Tolkien publicó The Hobbit en septiembre de 1937. El libro tuvo buenas ventas y la primera edición se había agotado para Navidad. Con este libro tan exitoso, Tolkien no buscaba el éxito. Es más, aunque el dinero y los halagos que recibió fueron muy apreciados y bien recibidos, a Tolkien le preocupaba el efecto que ese libro para niños tendría sobre su reputación como profesor de filología en Oxford. Sin embargo, la reputación no le robaba el sueño y El hobbit acaba siendo un ejemplo de cómo aplicar las palabras del Evangelio: “el que pierda su vida por mi causa la encontrará”.

El hobbit está lleno del amor de Tolkien hacia aquellos a quien amaba, de amor por lo que amaba. Tolkien se convirtió en filólogo por amor a las cosas que le enseñó su madre, de quien recibió aficiones y conocimientos. Mamá le transmitió el amor por los árboles y las flores y las leyendas del rey Arturo y los mitos griegos y romanos y le enseñó latín. Mamá lo introdujo en la magia del lenguaje. Cuando mamá murió, Tolkien se inventó un juego: el élfico, una lengua posible basada en el finlandés, con raíces, inflexiones y leyes de fonética. Como mamó el amor al idioma, intuía que toda lengua presupone una mitología. Entonces comenzó a construir los mitos del idioma de su invención. En esa mitología está el origen de El Hobbit.

Como muchos huérfanos, Tolkien se convirtió en un hombre de familia amoroso y dedicado. Gozaba contando historias a sus tres hijos. El Hobbit nació de esos cuentos que contaba papá. Los hijos crecieron y Tolkien dejó la historia de Bilbo Baggins cuando Bilbo entra en la cueva del dragón. En algún lugar dentro de sí, Tolkien guardó aquel cuento. El momento de volver a surgir llegó mientras Tolkien estaba ocupado revisando exámenes.

Tolkien era académicos y vivía en una noble pobreza que le exigía aceptar una ensalada de trabajitos. Como amaba su oficio, no le importaba ser chambista. Así se dio el feliz encadenamiento de sucesos que culminó en The Hobbit.
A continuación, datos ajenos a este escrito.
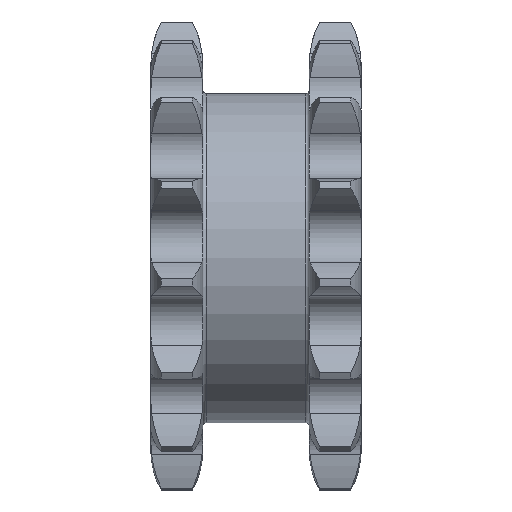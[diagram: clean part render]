
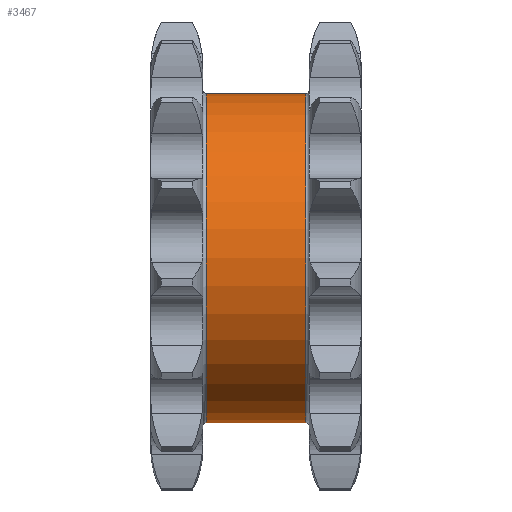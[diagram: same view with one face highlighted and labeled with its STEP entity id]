
A CAD part, top view. The second image highlights one B-rep face of the part: STEP entity #3467.
In plain terms, the highlighted cylindrical face has radius 29 mm (diameter 58 mm), a full revolution.
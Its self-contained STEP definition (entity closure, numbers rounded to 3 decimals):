
#85=FACE_BOUND('',#660,.T.);
#274=CIRCLE('',#3840,29.);
#275=CIRCLE('',#3842,29.);
#463=FACE_OUTER_BOUND('',#659,.T.);
#659=EDGE_LOOP('',(#3077));
#660=EDGE_LOOP('',(#3078));
#1516=VERTEX_POINT('',#6942);
#1517=VERTEX_POINT('',#6945);
#2060=EDGE_CURVE('',#1516,#1516,#274,.T.);
#2061=EDGE_CURVE('',#1517,#1517,#275,.T.);
#3077=ORIENTED_EDGE('',*,*,#2060,.T.);
#3078=ORIENTED_EDGE('',*,*,#2061,.F.);
#3282=CYLINDRICAL_SURFACE('',#3841,29.);
#3467=ADVANCED_FACE('',(#463,#85),#3282,.T.);
#3840=AXIS2_PLACEMENT_3D('',#6943,#4703,#4704);
#3841=AXIS2_PLACEMENT_3D('',#6944,#4705,#4706);
#3842=AXIS2_PLACEMENT_3D('',#6946,#4707,#4708);
#4703=DIRECTION('center_axis',(-1.,0.,0.));
#4704=DIRECTION('ref_axis',(0.,0.,1.));
#4705=DIRECTION('center_axis',(-1.,0.,0.));
#4706=DIRECTION('ref_axis',(0.,-1.,0.));
#4707=DIRECTION('center_axis',(-1.,0.,0.));
#4708=DIRECTION('ref_axis',(0.,0.,1.));
#6942=CARTESIAN_POINT('',(15.144,-2.831,0.));
#6943=CARTESIAN_POINT('Origin',(15.144,26.169,0.));
#6944=CARTESIAN_POINT('Origin',(6.344,26.169,0.));
#6945=CARTESIAN_POINT('',(-2.456,-2.831,0.));
#6946=CARTESIAN_POINT('Origin',(-2.456,26.169,0.));
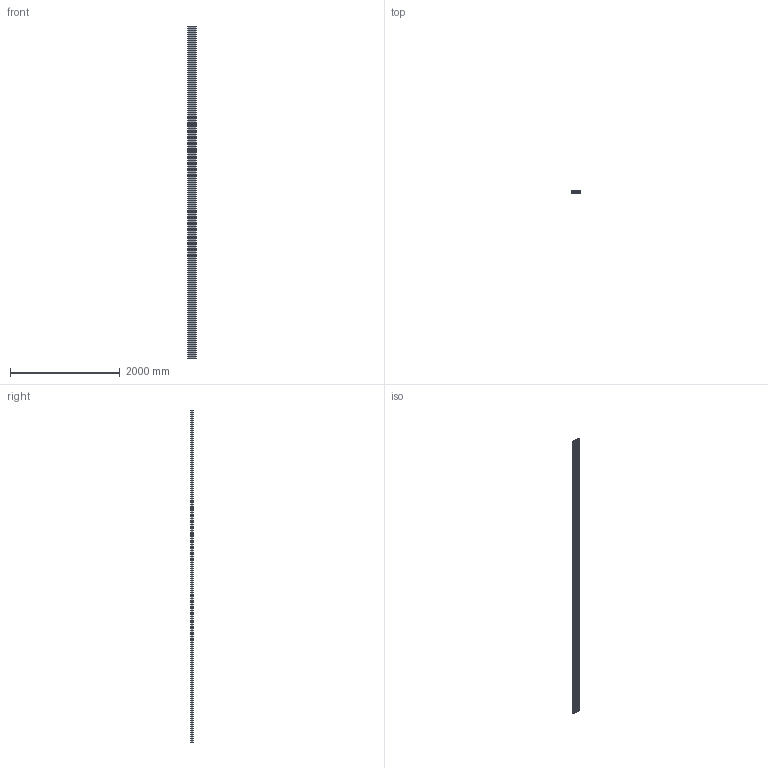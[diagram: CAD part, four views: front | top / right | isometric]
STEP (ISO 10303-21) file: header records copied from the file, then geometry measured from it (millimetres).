
FILE_DESCRIPTION (( 'STEP AP203' ), '1' );
FILE_NAME ('20104400_Profil 40x160L Nut 10.step', '2021-06-25T09:06:25', ( '' ), ( '' ), 'SwSTEP 2.0', 'SolidWorks 2021', '' );
FILE_SCHEMA (( 'CONFIG_CONTROL_DESIGN' ));
Length unit declared in the file: millimetre
Products named in the file (1): 20104400_Profil 40x160L Nut 10
Bounding box: 160 x 40 x 6060 mm (x, y, z)
Volume: 12835317.7 mm3; surface area: 8592394.4 mm2
Topology: 1 solids, 1 shells, 664 faces, 1986 edges, 1324 vertices
Faces by surface type: plane 350, cylinder 314
Entity records: 22619 total; most frequent: CARTESIAN_POINT 3975, ORIENTED_EDGE 3972, DIRECTION 3944, EDGE_CURVE 1986, LINE 1358, VECTOR 1358, VERTEX_POINT 1324, AXIS2_PLACEMENT_3D 1293
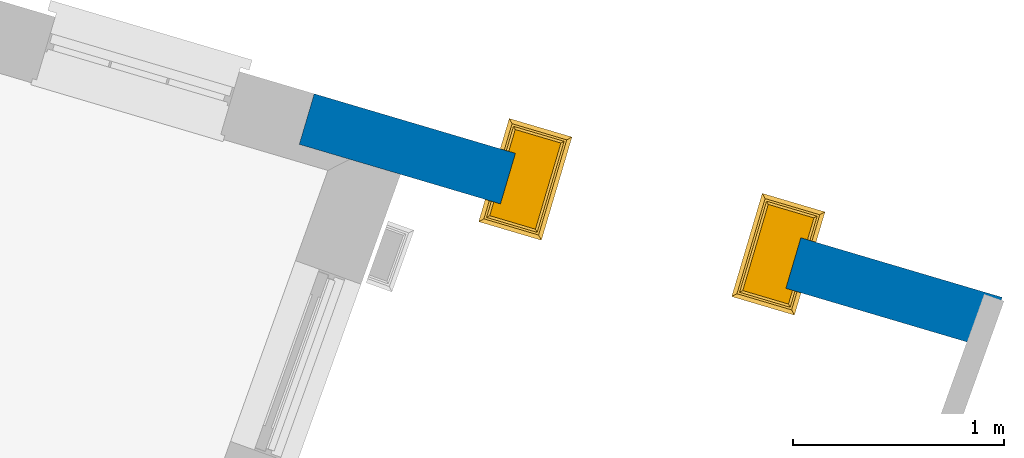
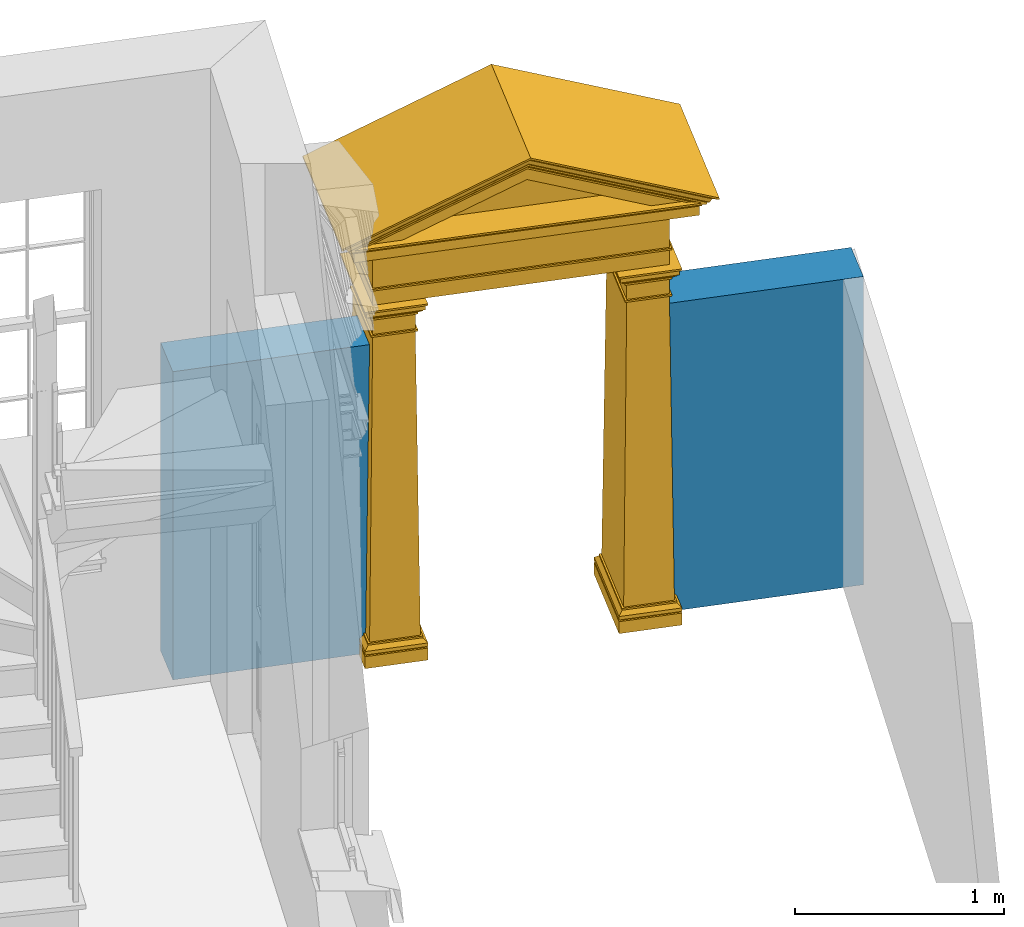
# One storey, part 7 of 7: 1 door, 1 wall, 1 opening.
"""IFC4 building model written with IfcOpenShell, lengths in metres."""

import ifcopenshell
import ifcopenshell.guid

model = None  # the IFC model being written
_history = None  # IfcOwnerHistory: only IFC2X3 demands one
_inside = {}  # id of a spatial element -> (the spatial element, [elements in it])
_under = {}  # id of a project, library or spatial element -> (it, [spatial elements below it])
_declared = {}  # id of a project -> (the project, [libraries it declares])
_typed = {}  # id of a type object -> (the type object, [elements of that type])
_made_of = {}  # id of a material, layer set ... -> (it, [elements and type objects made of it])


def new_model(schema):
    """Start an empty IFC model of exactly this schema.

    Asked for "IFC4X3", IfcOpenShell would pick the latest addendum, in which some entities
    have other attributes; the version numbers below select the first issue.
    IFC2X3 requires an IfcOwnerHistory on every rooted entity: one is made here for all.
    """
    global model, _history
    if schema == "IFC4X3":
        model = ifcopenshell.file(schema_version=(4, 3, 0, 0))
    else:
        model = ifcopenshell.file(schema=schema)
    _inside.clear()
    _under.clear()
    _declared.clear()
    _typed.clear()
    _made_of.clear()
    _history = None
    if model.schema == "IFC2X3":
        org = make("IfcOrganization", Name="unknown")
        user = make(
            "IfcPersonAndOrganization",
            ThePerson=make("IfcPerson", FamilyName="unknown"),
            TheOrganization=org,
        )
        app = make(
            "IfcApplication",
            ApplicationDeveloper=org,
            Version="unknown",
            ApplicationFullName="unknown",
            ApplicationIdentifier="unknown",
        )
        _history = make(
            "IfcOwnerHistory",
            OwningUser=user,
            OwningApplication=app,
            ChangeAction="ADDED",
            CreationDate=0,
        )
    return model


def make(cls, **values):
    """One entity of the class cls with the attributes given. An attribute that is None is left unset."""
    return model.create_entity(
        cls, **{name: value for name, value in values.items() if value is not None}
    )


def rooted(cls, **values):
    """An entity with a GlobalId (a new one), such as an element, a storey or a relation."""
    return make(cls, GlobalId=ifcopenshell.guid.new(), OwnerHistory=_history, **values)


def si_unit(unit_type, name, prefix=None):
    """IfcSIUnit, for example si_unit("LENGTHUNIT", "METRE", prefix="MILLI")."""
    return make("IfcSIUnit", UnitType=unit_type, Prefix=prefix, Name=name)


def assignment(units):
    """IfcUnitAssignment: the units of a project."""
    return None if units is None else make("IfcUnitAssignment", Units=units)


def point(xyz):
    """IfcCartesianPoint."""
    return None if xyz is None else make("IfcCartesianPoint", Coordinates=xyz)


def direction(xyz):
    """IfcDirection."""
    return None if xyz is None else make("IfcDirection", DirectionRatios=xyz)


def frame(location, z_axis=None, x_axis=None):
    """IfcAxis2Placement3D, a coordinate frame: its origin and axes. An axis left out is left unset."""
    return make(
        "IfcAxis2Placement3D",
        Location=point(location),
        Axis=direction(z_axis),
        RefDirection=direction(x_axis),
    )


def origin():
    """The frame at (0, 0, 0) with its axes left unset."""
    return frame((0.0, 0.0, 0.0))


def origin_with_axes():
    """The frame at (0, 0, 0) with the z axis (0, 0, 1) and the x axis (1, 0, 0) written out."""
    return frame((0.0, 0.0, 0.0), z_axis=(0.0, 0.0, 1.0), x_axis=(1.0, 0.0, 0.0))


def place(relative_to, where):
    """IfcLocalPlacement: puts the frame where relative to a parent placement (None: the world)."""
    return make(
        "IfcLocalPlacement", PlacementRelTo=relative_to, RelativePlacement=where
    )


def context(
    kind, dimensions, precision=None, world=None, true_north=None, identifier=None
):
    """IfcGeometricRepresentationContext, for example the 3D "Model" context."""
    return make(
        "IfcGeometricRepresentationContext",
        ContextIdentifier=identifier,
        ContextType=kind,
        CoordinateSpaceDimension=dimensions,
        Precision=precision,
        WorldCoordinateSystem=world,
        TrueNorth=true_north,
    )


def subcontext(parent, identifier, kind, view, scale=None):
    """IfcGeometricRepresentationSubContext, for example "Body" below "Model"."""
    return make(
        "IfcGeometricRepresentationSubContext",
        ContextIdentifier=identifier,
        ContextType=kind,
        ParentContext=parent,
        TargetScale=scale,
        TargetView=view,
    )


def project(units=None, contexts=None):
    """IfcProject with its units and contexts."""
    return rooted(
        "IfcProject",
        Name="project",
        RepresentationContexts=contexts,
        UnitsInContext=assignment(units),
    )


def spatial(cls, under=None, at=None, **own):
    """A site, building, storey or space (cls), placed at a placement, below another one or the project."""
    s = rooted(cls, ObjectPlacement=at, **own)
    if under is not None:
        _under.setdefault(under.id(), (under, []))[1].append(s)
    return s


def polyline(points):
    """IfcPolyline through the points."""
    return make("IfcPolyline", Points=[point(p) for p in points])


def outline(outer, holes=None, kind="AREA"):
    """IfcArbitraryClosedProfileDef: a profile drawn as a closed curve; with holes, ...WithVoids."""
    if holes is None:
        return make("IfcArbitraryClosedProfileDef", ProfileType=kind, OuterCurve=outer)
    return make(
        "IfcArbitraryProfileDefWithVoids",
        ProfileType=kind,
        OuterCurve=outer,
        InnerCurves=holes,
    )


def extrude(swept, where, along, depth):
    """IfcExtrudedAreaSolid: the profile swept, set in the frame where, extruded along a direction by depth."""
    return make(
        "IfcExtrudedAreaSolid",
        SweptArea=swept,
        Position=where,
        ExtrudedDirection=direction(along),
        Depth=depth,
    )


def faces_of(points, faces, orient=None, outer=None):
    """IfcFace entities. A face is a list of loops; a loop is a list of indices into points, from 0.

    orient and outer hold one flag for each loop. By default every Orientation is true, the
    first loop of a face is its IfcFaceOuterBound and the others are IfcFaceBound.
    """
    made = []
    for i, loops in enumerate(faces):
        bounds = []
        for j, loop in enumerate(loops):
            is_outer = j == 0 if outer is None else outer[i][j]
            bounds.append(
                make(
                    "IfcFaceOuterBound" if is_outer else "IfcFaceBound",
                    Bound=make("IfcPolyLoop", Polygon=[points[k] for k in loop]),
                    Orientation=True if orient is None else orient[i][j],
                )
            )
        made.append(make("IfcFace", Bounds=bounds))
    return made


def faceted_brep(points, faces, orient=None, outer=None, voids=None):
    """IfcFacetedBrep: a solid bounded by flat faces; with voids (closed shells), ...WithVoids."""
    shared = [point(p) for p in points]
    hull = make("IfcClosedShell", CfsFaces=faces_of(shared, faces, orient, outer))
    if voids is None:
        return make("IfcFacetedBrep", Outer=hull)
    return make(
        "IfcFacetedBrepWithVoids",
        Outer=hull,
        Voids=[
            make(cls, CfsFaces=faces_of(shared, fs, o, b)) for cls, fs, o, b in voids
        ],
    )


def shape(context_of_items, identifier, shape_type, items):
    """IfcShapeRepresentation: the items that make up one representation, for example the "Body"."""
    return make(
        "IfcShapeRepresentation",
        ContextOfItems=context_of_items,
        RepresentationIdentifier=identifier,
        RepresentationType=shape_type,
        Items=items,
    )


def source(mapping_origin, context_of_items, identifier, shape_type, items):
    """IfcRepresentationMap: a shape defined once, which mapped items show again and again."""
    return make(
        "IfcRepresentationMap",
        MappingOrigin=mapping_origin,
        MappedRepresentation=shape(context_of_items, identifier, shape_type, items),
    )


def transform(
    local_origin,
    x_axis=None,
    y_axis=None,
    z_axis=None,
    scale=None,
    scale2=None,
    scale3=None,
    uniform=True,
):
    """IfcCartesianTransformationOperator3D, or its non-uniform kind. x_axis, y_axis, z_axis: its Axis1, 2, 3."""
    if uniform:
        return make(
            "IfcCartesianTransformationOperator3D",
            Axis1=direction(x_axis),
            Axis2=direction(y_axis),
            LocalOrigin=point(local_origin),
            Scale=scale,
            Axis3=direction(z_axis),
        )
    return make(
        "IfcCartesianTransformationOperator3DnonUniform",
        Axis1=direction(x_axis),
        Axis2=direction(y_axis),
        LocalOrigin=point(local_origin),
        Scale=scale,
        Axis3=direction(z_axis),
        Scale2=scale2,
        Scale3=scale3,
    )


def mapped(mapping_source, mapping_target):
    """IfcMappedItem: shows the shape of a source again, moved by a transform."""
    return make(
        "IfcMappedItem", MappingSource=mapping_source, MappingTarget=mapping_target
    )


def material(Name=None, Category=None):
    """IfcMaterial."""
    return make("IfcMaterial", Name=Name, Category=Category)


def layer(
    of_material, thickness, ventilated=None, Name=None, Category=None, Priority=None
):
    """IfcMaterialLayer: one layer of a wall or slab, of a material (None: an air gap)."""
    return make(
        "IfcMaterialLayer",
        Material=of_material,
        LayerThickness=thickness,
        IsVentilated=ventilated,
        Name=Name,
        Category=Category,
        Priority=Priority,
    )


def layer_set(layers, Name=None):
    """IfcMaterialLayerSet."""
    return make("IfcMaterialLayerSet", MaterialLayers=layers, LayerSetName=Name)


def layer_usage(for_layer_set, set_direction, sense, offset, extent=None):
    """IfcMaterialLayerSetUsage: how a layer set lies in its element."""
    return make(
        "IfcMaterialLayerSetUsage",
        ForLayerSet=for_layer_set,
        LayerSetDirection=set_direction,
        DirectionSense=sense,
        OffsetFromReferenceLine=offset,
        ReferenceExtent=extent,
    )


def made_of(thing, what):
    """Note that an element or type object is made of a material, layer set ...; save() writes the relation."""
    if what is not None:
        _made_of.setdefault(what.id(), (what, []))[1].append(thing)
    return thing


def type_object(cls, material=None, **own):
    """A type object (cls), such as IfcWallType, which elements share."""
    return made_of(rooted(cls, **own), material)


def type_shapes(of_type, sources):
    """Give a type object the sources (RepresentationMaps) that its elements show as mapped items."""
    of_type.RepresentationMaps = sources


def element(
    cls,
    number,
    at=None,
    inside=None,
    cuts=None,
    type_object=None,
    material=None,
    context=None,
    identifier="Body",
    shape_type=None,
    held_by="IfcProductDefinitionShape",
    body=None,
    shapes=None,
    **own,
):
    """One element of the class cls, such as IfcWall. Its Tag is "e" and its number.

    at: its placement. inside: the storey or other place that contains it. cuts: it is an
    opening in that element (IfcRelVoidsElement). A single representation is given by context,
    identifier, shape_type and body (its items); several are given by shapes. held_by: the class
    of the entity that holds the representations. save() writes the other relations.
    """
    e = rooted(cls, Tag="e%d" % number, ObjectPlacement=at, **own)
    if body is not None:
        shapes = [shape(context, identifier, shape_type, body)]
    if shapes is not None:
        e.Representation = make(held_by, Representations=shapes)
    if inside is not None:
        _inside.setdefault(inside.id(), (inside, []))[1].append(e)
    if cuts is not None:
        rooted(
            "IfcRelVoidsElement", RelatingBuildingElement=cuts, RelatedOpeningElement=e
        )
    if type_object is not None:
        _typed.setdefault(type_object.id(), (type_object, []))[1].append(e)
    return made_of(e, material)


def fill(opening, filler):
    """IfcRelFillsElement: the door or window that sits in an opening."""
    return rooted(
        "IfcRelFillsElement",
        RelatingOpeningElement=opening,
        RelatedBuildingElement=filler,
    )


def aggregate(whole, parts):
    """IfcRelAggregates: a whole, such as a stair, and the parts it consists of."""
    return rooted("IfcRelAggregates", RelatingObject=whole, RelatedObjects=parts)


def save(model, path):
    """Write the relations noted so far, then the file.

    IfcRelAggregates (storeys below a building ...), IfcRelContainedInSpatialStructure (elements
    in a storey), IfcRelDefinesByType, IfcRelAssociatesMaterial and IfcRelDeclares: one each for
    every whole, place, type object, material and project.
    """
    for whole, parts in _under.values():
        aggregate(whole, parts)
    for where, things in _inside.values():
        rooted(
            "IfcRelContainedInSpatialStructure",
            RelatedElements=things,
            RelatingStructure=where,
        )
    for kind, things in _typed.values():
        rooted("IfcRelDefinesByType", RelatedObjects=things, RelatingType=kind)
    for what, things in _made_of.values():
        rooted("IfcRelAssociatesMaterial", RelatedObjects=things, RelatingMaterial=what)
    for by, libraries in _declared.values():
        rooted("IfcRelDeclares", RelatingContext=by, RelatedDefinitions=libraries)
    model.write(path)


model = new_model("IFC4")

# Units and contexts
model_context = context("Model", 3, world=origin_with_axes())
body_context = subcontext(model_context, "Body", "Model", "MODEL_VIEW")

En el margen de un examen que estaba corrigiendo fuera del horario laboral, Tolkien garrapateó las primeras líneas que le vinieron a la cabeza: “En un agujero de la tierra vivía un hobbit.”

En los hobbits, Tolkien puso aquello que más amaba del carácter de sus compatriotas. También puso su amor por la amistad de sus amigos. A lo largo de su vida, Tolkien organizó o perteneció a grupos de varones cuyos intereses y talentos eran similares a los suyos: tomar cerveza, leer sagas islandesas en voz alta, fumar en pipa y cantar canciones de taberna. En esta atmósfera, Tolkien absorbió el ideal de camaradería varonil organizada que, en sus fantasías, representa el sentido del bien.

No lo dice pero lo dice por todas partes. El hobbit dice: “Busca primero el amor. Lo demás vendrá de oque.”